==== Dataset records ====
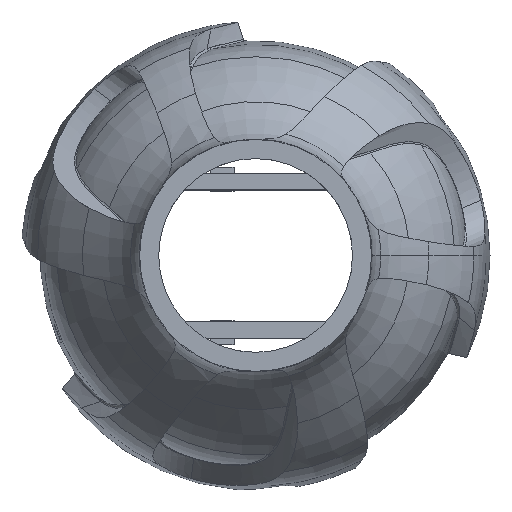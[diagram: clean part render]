
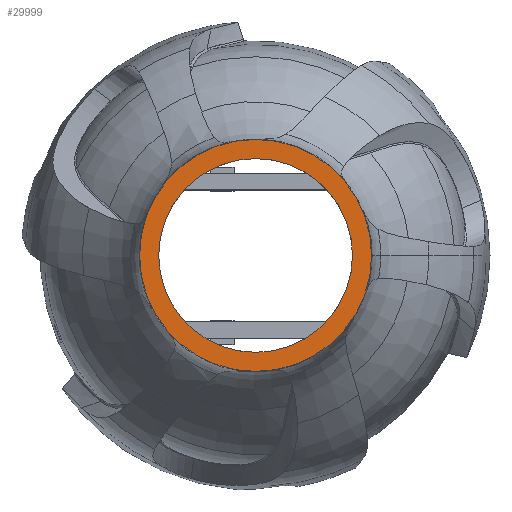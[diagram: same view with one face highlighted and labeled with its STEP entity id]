
A CAD part, top view. The second image highlights one B-rep face of the part: STEP entity #29999.
In plain terms, the highlighted planar face has unit normal (0, 0, 1).
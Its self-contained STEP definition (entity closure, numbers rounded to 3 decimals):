
#16612 = VERTEX_POINT('',#16613);
#16613 = CARTESIAN_POINT('',(24.25,0.,172.));
#16620 = EDGE_CURVE('',#16612,#16612,#16621,.T.);
#16621 = CIRCLE('',#16622,24.25);
#16622 = AXIS2_PLACEMENT_3D('',#16623,#16624,#16625);
#16623 = CARTESIAN_POINT('',(0.,0.,172.));
#16624 = DIRECTION('',(0.,0.,1.));
#16625 = DIRECTION('',(1.,0.,-0.));
#29999 = ADVANCED_FACE('',(#30000,#30003),#30014,.T.);
#30000 = FACE_BOUND('',#30001,.T.);
#30001 = EDGE_LOOP('',(#30002));
#30002 = ORIENTED_EDGE('',*,*,#16620,.T.);
#30003 = FACE_BOUND('',#30004,.T.);
#30004 = EDGE_LOOP('',(#30005));
#30005 = ORIENTED_EDGE('',*,*,#30006,.F.);
#30006 = EDGE_CURVE('',#30007,#30007,#30009,.T.);
#30007 = VERTEX_POINT('',#30008);
#30008 = CARTESIAN_POINT('',(20.25,0.,172.));
#30009 = CIRCLE('',#30010,20.25);
#30010 = AXIS2_PLACEMENT_3D('',#30011,#30012,#30013);
#30011 = CARTESIAN_POINT('',(0.,0.,172.));
#30012 = DIRECTION('',(0.,0.,1.));
#30013 = DIRECTION('',(1.,0.,-0.));
#30014 = PLANE('',#30015);
#30015 = AXIS2_PLACEMENT_3D('',#30016,#30017,#30018);
#30016 = CARTESIAN_POINT('',(0.,0.,172.));
#30017 = DIRECTION('',(0.,0.,1.));
#30018 = DIRECTION('',(1.,0.,-0.));
====
Task to carry out -> Exactly as written, restate the lines above from the opening line through the one holding "#30013 = DIRECTION('',(1.,0.,-0.));", omitting the pictures.

Completed exercise ->
[diagram: clean part render]
[diagram: same view with one face highlighted and labeled with its STEP entity id]
A CAD part, top view. The second image highlights one B-rep face of the part: STEP entity #29999.
In plain terms, the highlighted planar face has unit normal (0, 0, 1).
Its self-contained STEP definition (entity closure, numbers rounded to 3 decimals):
#16612 = VERTEX_POINT('',#16613);
#16613 = CARTESIAN_POINT('',(24.25,0.,172.));
#16620 = EDGE_CURVE('',#16612,#16612,#16621,.T.);
#16621 = CIRCLE('',#16622,24.25);
#16622 = AXIS2_PLACEMENT_3D('',#16623,#16624,#16625);
#16623 = CARTESIAN_POINT('',(0.,0.,172.));
#16624 = DIRECTION('',(0.,0.,1.));
#16625 = DIRECTION('',(1.,0.,-0.));
#29999 = ADVANCED_FACE('',(#30000,#30003),#30014,.T.);
#30000 = FACE_BOUND('',#30001,.T.);
#30001 = EDGE_LOOP('',(#30002));
#30002 = ORIENTED_EDGE('',*,*,#16620,.T.);
#30003 = FACE_BOUND('',#30004,.T.);
#30004 = EDGE_LOOP('',(#30005));
#30005 = ORIENTED_EDGE('',*,*,#30006,.F.);
#30006 = EDGE_CURVE('',#30007,#30007,#30009,.T.);
#30007 = VERTEX_POINT('',#30008);
#30008 = CARTESIAN_POINT('',(20.25,0.,172.));
#30009 = CIRCLE('',#30010,20.25);
#30010 = AXIS2_PLACEMENT_3D('',#30011,#30012,#30013);
#30011 = CARTESIAN_POINT('',(0.,0.,172.));
#30012 = DIRECTION('',(0.,0.,1.));
#30013 = DIRECTION('',(1.,0.,-0.));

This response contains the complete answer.